Thursday, October 27, 2005

"Religion of Peace" Strikes Again

"Israel must be wiped off the map," Iran's fundamentalist president Mahmoud Ahmadi-Nejad said in the most recent of a series of anti-Zionist remarks by Arab leaders. It almost makes you wonder how the supposed "religion of peace" got that moniker in the first place.

It also makes you wonder what will be the reaction from the anti-war crowd and the thousands of peaceniks who gather to protest every move the United States makes towards ensuring a free Iraq. I mean wouldn't it be safe to assume that they would condemn such a hateful remark towards a relatively peaceful nation?

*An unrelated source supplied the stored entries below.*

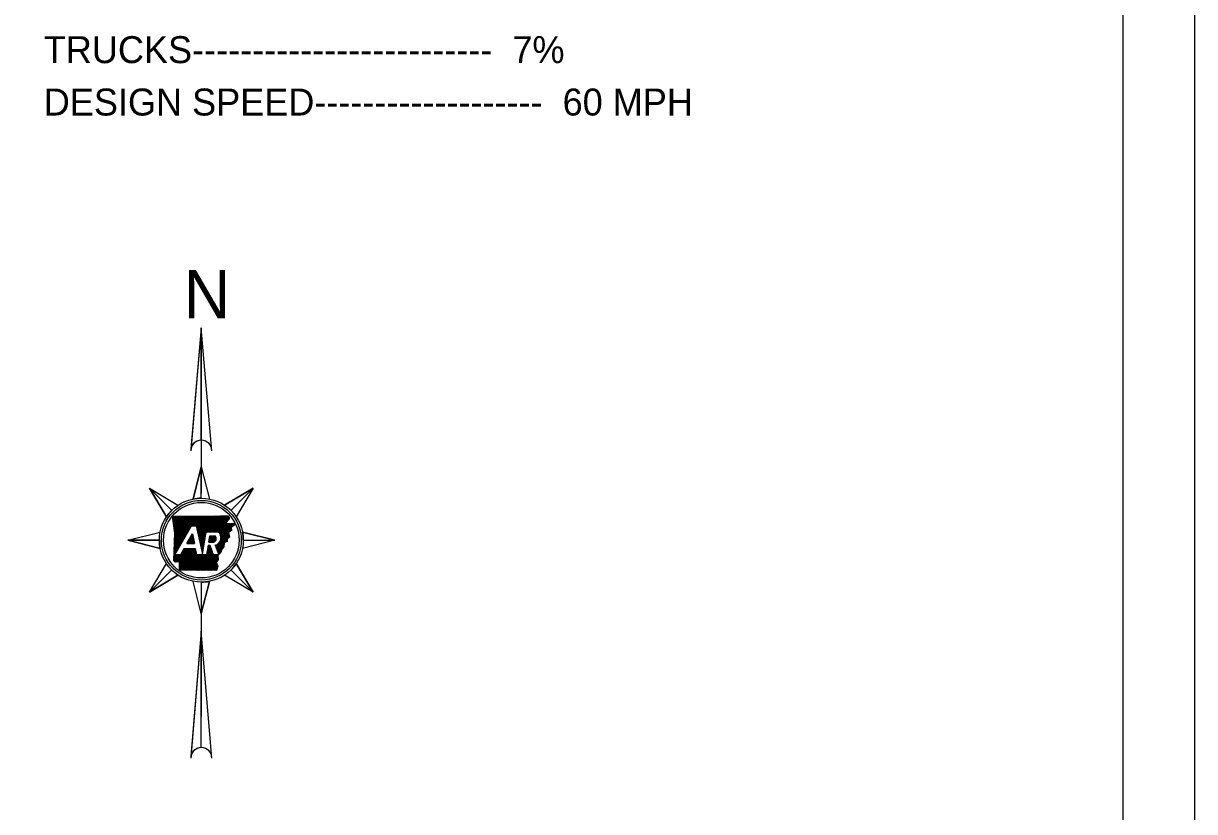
# Model space of a CAD drawing. Extents: x 646058 to 725608, y 1473014 to 1561048.
# Drawn here: x 700985 to 717726, y 1526523 to 1537793 of the extents above; entities that cross this region are included whole.
import ezdxf

# ---------------------------------------------------------------- set-up
doc = ezdxf.new("R2010")
doc.units = 0
for name, color, linetype in [('R_Border Notes', 7, 'Continuous'), ('R_Grid', 7, 'Continuous'), ('R_MOT', 7, 'Continuous'), ('T_Vehicle Path Rt', 7, 'Continuous')]:
    doc.layers.add(name, color=color, linetype=linetype)

msp = doc.modelspace()

# ---------------------------------------------------------------- linework, layer by layer
at = {"layer": 'R_Border Notes'}
msp.add_line((716704, 1516037), (716704, 1560211), dxfattribs=at)
at = {"layer": 'R_Grid'}
for p, q in [((703528, 1533438), (703380, 1531708)), ((703528, 1533438), (703528, 1531069)), ((703528, 1531833), (703528, 1533438)), ((703382, 1531732), (703389, 1531739)), ((703383, 1531741), (703397, 1531755)), ((703528, 1531453), (703411, 1530992)), ((703528, 1531003), (703528, 1531453)), ((702785, 1531146), (703104, 1530828)), ((703104, 1530828), (702785, 1531146)), ((702785, 1531146), (703029, 1530737)), ((704270, 1531146), (703861, 1530902)), ((703952, 1530828), (704270, 1531146)), ((703952, 1530828), (704270, 1531146)), ((703149, 1530193), (703386, 1530611)), ((703323, 1530357), (703400, 1530494)), ((703386, 1530611), (703456, 1530611)), ((703599, 1530524), (703763, 1530524)), ((703650, 1530465), (703727, 1530465)), ((704578, 1530403), (704116, 1530520)), ((702478, 1530403), (702928, 1530403)), ((702928, 1530403), (702478, 1530403)), ((702478, 1530403), (702939, 1530286)), ((703323, 1530357), (703430, 1530357)), ((703654, 1530326), (703626, 1530326)), ((703634, 1530376), (703705, 1530376)), ((703703, 1530193), (703654, 1530326)), ((703724, 1530333), (703776, 1530193)), ((704128, 1530403), (704578, 1530403)), ((704128, 1530403), (704578, 1530403)), ((703230, 1530193), (703149, 1530193)), ((703280, 1530281), (703230, 1530193)), ((703446, 1530281), (703280, 1530281)), ((703603, 1530193), (703465, 1530193)), ((703776, 1530193), (703703, 1530193)), ((702785, 1529661), (703104, 1529979)), ((703104, 1529979), (702785, 1529661)), ((703952, 1529979), (704270, 1529661)), ((703952, 1529979), (704270, 1529661)), ((704270, 1529661), (704027, 1530070)), ((702785, 1529661), (703194, 1529905)), ((703528, 1529353), (703645, 1529815)), ((703528, 1529803), (703528, 1529803)), ((703528, 1529803), (703528, 1527883)), ((703528, 1529803), (703528, 1529353)), ((703528, 1529103), (703380, 1527312)), ((703528, 1527438), (703528, 1529103))]:
    msp.add_line(p, q, dxfattribs=at)
for points in [[(703678, 1531683), (703528, 1533438), (703378, 1531683)], [(703411, 1530992), (703528, 1531453), (703645, 1530992)], [(703029, 1530737), (702785, 1531146), (703194, 1530902)], [(703861, 1530902), (704270, 1531146), (704027, 1530737)], [(703118, 1530747), (703352, 1530747), (703558, 1530747), (703800, 1530751), (703912, 1530753)], [(703135, 1530113), (703148, 1530506), (703118, 1530747)], [(703986, 1530646), (704006, 1530625), (703956, 1530583), (703961, 1530541), (703918, 1530513), (703933, 1530448), (703899, 1530418), (703896, 1530385), (703856, 1530370), (703849, 1530308), (703820, 1530276), (703806, 1530229), (703764, 1530190), (703767, 1530122), (703738, 1530089), (703764, 1530030), (703746, 1529972)], [(703878, 1530640), (703988, 1530646)], [(702939, 1530286), (702478, 1530403), (702939, 1530520)], [(703400, 1530494), (703430, 1530357)], [(703456, 1530611), (703543, 1530204), (703599, 1530524)], [(703634, 1530376), (703650, 1530465)], [(704116, 1530520), (704578, 1530403), (704116, 1530286)], [(703626, 1530326), (703603, 1530193)], [(703465, 1530193), (703446, 1530281)], [(703194, 1529905), (702785, 1529661), (703029, 1530070)], [(703746, 1529972), (703215, 1529973), (703215, 1530090)], [(704027, 1530070), (704270, 1529661), (703861, 1529905)], [(703645, 1529815), (703528, 1529353), (703411, 1529815)], [(703678, 1527288), (703528, 1529103), (703378, 1527288)]]:
    msp.add_lwpolyline(points, dxfattribs=at)
for radius in [600, 540]:
    msp.add_circle((703528, 1530403), radius, dxfattribs=at)
for centre, radius, start, end in [((703528, 1531683), 150, 360, 180), ((703528, 1531683), 150, 90, 170.2296), ((703528, 1530403), 600, 90, 101.2291), ((703528, 1530403), 600, 135, 146.2291), ((703528, 1530403), 600, 45, 56.2291), ((703688, 1530427), 54.3, 288.1268, 43.8902), ((703702, 1530437), 106, 281.8626, 54.8705), ((703528, 1530403), 600, 360, 11.2291), ((703528, 1530403), 600, 180, 191.2291), ((703528, 1530403), 600, 225, 236.2291), ((703528, 1530403), 600, 315, 326.2291), ((703528, 1530403), 600, 270, 281.2291), ((703528, 1527288), 150, 360, 180), ((703528, 1527288), 150, 90, 170.5511)]:
    msp.add_arc(centre, radius, start, end, dxfattribs=at)
for points in [[(703912, 1530753), (703913, 1530747), (703915, 1530744), (703916, 1530738), (703918, 1530735), (703922, 1530732), (703926, 1530728), (703927, 1530723), (703926, 1530718), (703925, 1530713), (703925, 1530708), (703924, 1530703), (703920, 1530700), (703917, 1530697), (703914, 1530694), (703912, 1530691), (703908, 1530687), (703904, 1530684), (703901, 1530680), (703898, 1530676), (703897, 1530672), (703894, 1530669), (703891, 1530666), (703887, 1530662), (703886, 1530658), (703882, 1530654), (703882, 1530649), (703879, 1530646), (703879, 1530645)], [(703215, 1530090), (703216, 1530090), (703213, 1530092), (703209, 1530093), (703205, 1530094), (703200, 1530094), (703195, 1530095), (703191, 1530098), (703186, 1530095), (703180, 1530092), (703177, 1530095), (703173, 1530093), (703170, 1530094), (703165, 1530091), (703160, 1530092), (703157, 1530091), (703152, 1530091), (703151, 1530096), (703147, 1530097), (703144, 1530099), (703141, 1530104), (703139, 1530108), (703135, 1530113)]]:
    msp.add_spline(points, degree=3, dxfattribs=at)
at = {"layer": 'R_MOT'}
for p, q in [((703119, 1530741), (703124, 1530747)), ((703121, 1530726), (703141, 1530747)), ((703123, 1530711), (703158, 1530747)), ((703124, 1530696), (703175, 1530747)), ((703126, 1530681), (703192, 1530747)), ((703128, 1530666), (703209, 1530747)), ((703130, 1530651), (703226, 1530747)), ((703132, 1530636), (703243, 1530747)), ((703134, 1530621), (703260, 1530747)), ((703136, 1530606), (703277, 1530747)), ((703138, 1530591), (703294, 1530747)), ((703140, 1530575), (703311, 1530747)), ((703141, 1530560), (703328, 1530747)), ((703143, 1530545), (703345, 1530747)), ((703144, 1530376), (703515, 1530747)), ((703144, 1530394), (703498, 1530747)), ((703145, 1530411), (703481, 1530747)), ((703145, 1530530), (703362, 1530747)), ((703146, 1530429), (703464, 1530747)), ((703146, 1530446), (703447, 1530747)), ((703147, 1530464), (703430, 1530747)), ((703147, 1530481), (703413, 1530747)), ((703147, 1530515), (703379, 1530747)), ((703148, 1530499), (703396, 1530747)), ((703396, 1530611), (703532, 1530747)), ((703413, 1530611), (703549, 1530747)), ((703430, 1530611), (703566, 1530747)), ((703447, 1530611), (703583, 1530747)), ((703457, 1530605), (703600, 1530748)), ((703460, 1530591), (703617, 1530748)), ((703463, 1530577), (703635, 1530748)), ((703466, 1530563), (703652, 1530749)), ((703469, 1530549), (703669, 1530749)), ((703472, 1530535), (703686, 1530749)), ((703475, 1530521), (703704, 1530749)), ((703478, 1530507), (703721, 1530750)), ((703481, 1530493), (703738, 1530750)), ((703484, 1530479), (703755, 1530750)), ((703487, 1530465), (703773, 1530750)), ((703490, 1530451), (703790, 1530751)), ((703493, 1530437), (703807, 1530751)), ((703496, 1530423), (703825, 1530751)), ((703614, 1530524), (703842, 1530752)), ((703631, 1530524), (703859, 1530752)), ((703648, 1530524), (703877, 1530753)), ((703665, 1530524), (703894, 1530753)), ((703682, 1530524), (703911, 1530753)), ((703699, 1530524), (703915, 1530740)), ((703716, 1530524), (703923, 1530731)), ((703733, 1530524), (703926, 1530717)), ((703750, 1530524), (703887, 1530661)), ((703765, 1530522), (703884, 1530641)), ((703775, 1530515), (703901, 1530642)), ((703783, 1530506), (703919, 1530642)), ((703790, 1530496), (703937, 1530643)), ((703796, 1530486), (703955, 1530644)), ((703802, 1530474), (703973, 1530645)), ((703806, 1530461), (703989, 1530644)), ((703808, 1530446), (703997, 1530635)), ((703142, 1530323), (703328, 1530509)), ((703142, 1530306), (703306, 1530470)), ((703143, 1530359), (703372, 1530588)), ((703143, 1530341), (703350, 1530548)), ((703366, 1530434), (703405, 1530472)), ((703388, 1530473), (703402, 1530486)), ((703499, 1530409), (703596, 1530505)), ((703502, 1530395), (703592, 1530485)), ((703505, 1530381), (703588, 1530464)), ((703635, 1530376), (703724, 1530465)), ((703638, 1530396), (703707, 1530465)), ((703642, 1530417), (703690, 1530465)), ((703645, 1530437), (703673, 1530465)), ((703649, 1530458), (703656, 1530465)), ((703734, 1530305), (703922, 1530493)), ((703739, 1530292), (703926, 1530479)), ((703743, 1530280), (703929, 1530465)), ((703790, 1530377), (703919, 1530507)), ((703804, 1530409), (703958, 1530563)), ((703808, 1530429), (703956, 1530578)), ((703939, 1530527), (703960, 1530548)), ((703989, 1530611), (704005, 1530626)), ((703139, 1530236), (703217, 1530314)), ((703140, 1530271), (703261, 1530392)), ((703140, 1530253), (703239, 1530353)), ((703141, 1530288), (703284, 1530431)), ((703324, 1530357), (703411, 1530444)), ((703341, 1530357), (703414, 1530430)), ((703344, 1530394), (703408, 1530458)), ((703358, 1530357), (703417, 1530416)), ((703375, 1530357), (703420, 1530402)), ((703392, 1530357), (703423, 1530389)), ((703409, 1530357), (703426, 1530375)), ((703426, 1530357), (703429, 1530361)), ((703508, 1530367), (703585, 1530444)), ((703511, 1530353), (703581, 1530423)), ((703514, 1530339), (703578, 1530403)), ((703517, 1530325), (703574, 1530382)), ((703520, 1530311), (703570, 1530362)), ((703523, 1530297), (703567, 1530341)), ((703526, 1530283), (703563, 1530320)), ((703529, 1530269), (703560, 1530300)), ((703613, 1530251), (703663, 1530302)), ((703616, 1530272), (703659, 1530314)), ((703620, 1530292), (703654, 1530326)), ((703623, 1530313), (703637, 1530326)), ((703652, 1530376), (703733, 1530457)), ((703668, 1530376), (703739, 1530446)), ((703685, 1530376), (703742, 1530432)), ((703702, 1530376), (703741, 1530414)), ((703725, 1530330), (703730, 1530335)), ((703730, 1530317), (703762, 1530350)), ((703748, 1530268), (703932, 1530452)), ((703753, 1530255), (703854, 1530357)), ((703757, 1530243), (703853, 1530338)), ((703762, 1530230), (703851, 1530319)), ((703874, 1530377), (703898, 1530400)), ((703135, 1530113), (703215, 1530193)), ((703136, 1530130), (703198, 1530193)), ((703136, 1530148), (703181, 1530193)), ((703137, 1530183), (703151, 1530196)), ((703137, 1530166), (703164, 1530193)), ((703138, 1530201), (703173, 1530235)), ((703139, 1530218), (703195, 1530275)), ((703142, 1530102), (703320, 1530281)), ((703152, 1530096), (703337, 1530281)), ((703164, 1530091), (703354, 1530281)), ((703184, 1530094), (703371, 1530281)), ((703201, 1530094), (703388, 1530281)), ((703215, 1530057), (703439, 1530281)), ((703215, 1530074), (703422, 1530281)), ((703215, 1530091), (703405, 1530281)), ((703215, 1530040), (703448, 1530273)), ((703215, 1530023), (703451, 1530259)), ((703215, 1530006), (703454, 1530245)), ((703215, 1529990), (703457, 1530231)), ((703216, 1529973), (703460, 1530217)), ((703233, 1529973), (703463, 1530203)), ((703249, 1530227), (703303, 1530281)), ((703250, 1529973), (703470, 1530193)), ((703267, 1529973), (703487, 1530193)), ((703272, 1530266), (703286, 1530281)), ((703283, 1529973), (703504, 1530193)), ((703300, 1529973), (703521, 1530193)), ((703317, 1529973), (703538, 1530193)), ((703334, 1529973), (703555, 1530193)), ((703351, 1529973), (703572, 1530193)), ((703368, 1529973), (703589, 1530193)), ((703385, 1529973), (703677, 1530264)), ((703402, 1529973), (703682, 1530252)), ((703419, 1529973), (703686, 1530240)), ((703436, 1529973), (703691, 1530227)), ((703453, 1529972), (703695, 1530215)), ((703470, 1529972), (703700, 1530203)), ((703487, 1529972), (703708, 1530193)), ((703504, 1529972), (703724, 1530193)), ((703521, 1529972), (703741, 1530193)), ((703532, 1530255), (703556, 1530279)), ((703535, 1530241), (703553, 1530259)), ((703538, 1530227), (703549, 1530238)), ((703538, 1529972), (703758, 1530193)), ((703541, 1530213), (703545, 1530218)), ((703555, 1529972), (703764, 1530182)), ((703572, 1529972), (703765, 1530166)), ((703588, 1529972), (703766, 1530149)), ((703605, 1529972), (703766, 1530133)), ((703606, 1530210), (703672, 1530277)), ((703609, 1530231), (703668, 1530289)), ((703766, 1530218), (703818, 1530270)), ((703771, 1530206), (703811, 1530246)), ((703622, 1529972), (703738, 1530088)), ((703639, 1529972), (703744, 1530077)), ((703656, 1529972), (703749, 1530065)), ((703673, 1529972), (703754, 1530053)), ((703690, 1529972), (703759, 1530041)), ((703707, 1529972), (703764, 1530029)), ((703724, 1529972), (703756, 1530004)), ((703741, 1529972), (703748, 1529980))]:
    msp.add_line(p, q, dxfattribs=at)
msp.add_circle((703528, 1530403), 570, dxfattribs=at)
at = {"layer": 'T_Vehicle Path Rt'}
msp.add_lwpolyline([(646058, 1561048), (717726, 1561048), (717726, 1515181), (646058, 1515181)], close=True, dxfattribs=at)

# ---------------------------------------------------------------- texts
at = {"layer": 'R_Grid'}
for s, p in [('TRUCKS-------------------------  7%', (701276, 1537225)), ('DESIGN SPEED-------------------  60 MPH', (701276, 1536476))]:
    msp.add_text(s, height=385.55, dxfattribs=at).set_placement(p)
for s, height, p in [('N', 692, (703275, 1533574)), ('DWB 7-27-17', 11.67, (703491, 1529853))]:
    msp.add_text(s, height=height, rotation=360, dxfattribs=at).set_placement(p)

doc.saveas('drawing.dxf')

Oh but those damn Jews are just occupying Arab holy land anyways, so the Palestinians should be allowed to take whatever actions necessary to get their own state. Just watch the reactions next time a single Palestinian gets killed by an Israeli, even if it's self-defense as the victim turns out to be a potential suicide bomber. Seriously, liberals would argue that the bomber is just trying to get his home back.

(By the way, if you couldn't pick up the sarcasm in the first statement of the previous paragraph, leave my blog now.)

And just in case those in the Islamist crowd weren't paying attention, the Iranian leader continued with this gem: "Anybody who recognises Israel will burn in the fire of the Islamic nation’s fury." Now that's a very peaceful solution to any problem!

So after being subjected to one of the most horrific cases of genocide in recorded history, the Israelis are hated by just about every nation in the world. They're surrounded by anti-Zionists and their only true ally is the United States. Yet the overwhelming sentiment among much of the liberal crowd is that Israel is a murderous nation with such a seething hatred of Islam and Palestinians that they continuously bomb the West Bank yada yada yada.

How is it that so many liberals are against the United States when we try to remove genocidal dictators like Saddam Hussein, but then when we support peaceful democracies they accuse us of aiding "terrorists"? This Orwellian view of international politics goes back to the Reagan years, when his fight against the rise of Communist satellites in Latin America drew criticism from the left. The words of ex-KGB agent Thomas Schuman outline the process Communists used to install puppet dictatorships in stragetic locations with the goal of ultimately being close enough to nuke the United States.

Nevertheless, liberals refuse to believe that evil men truly are evil and worthy of a forceful takedown, while hating their own government for taking out these men and saving a nation from the evil that they feared for three decades.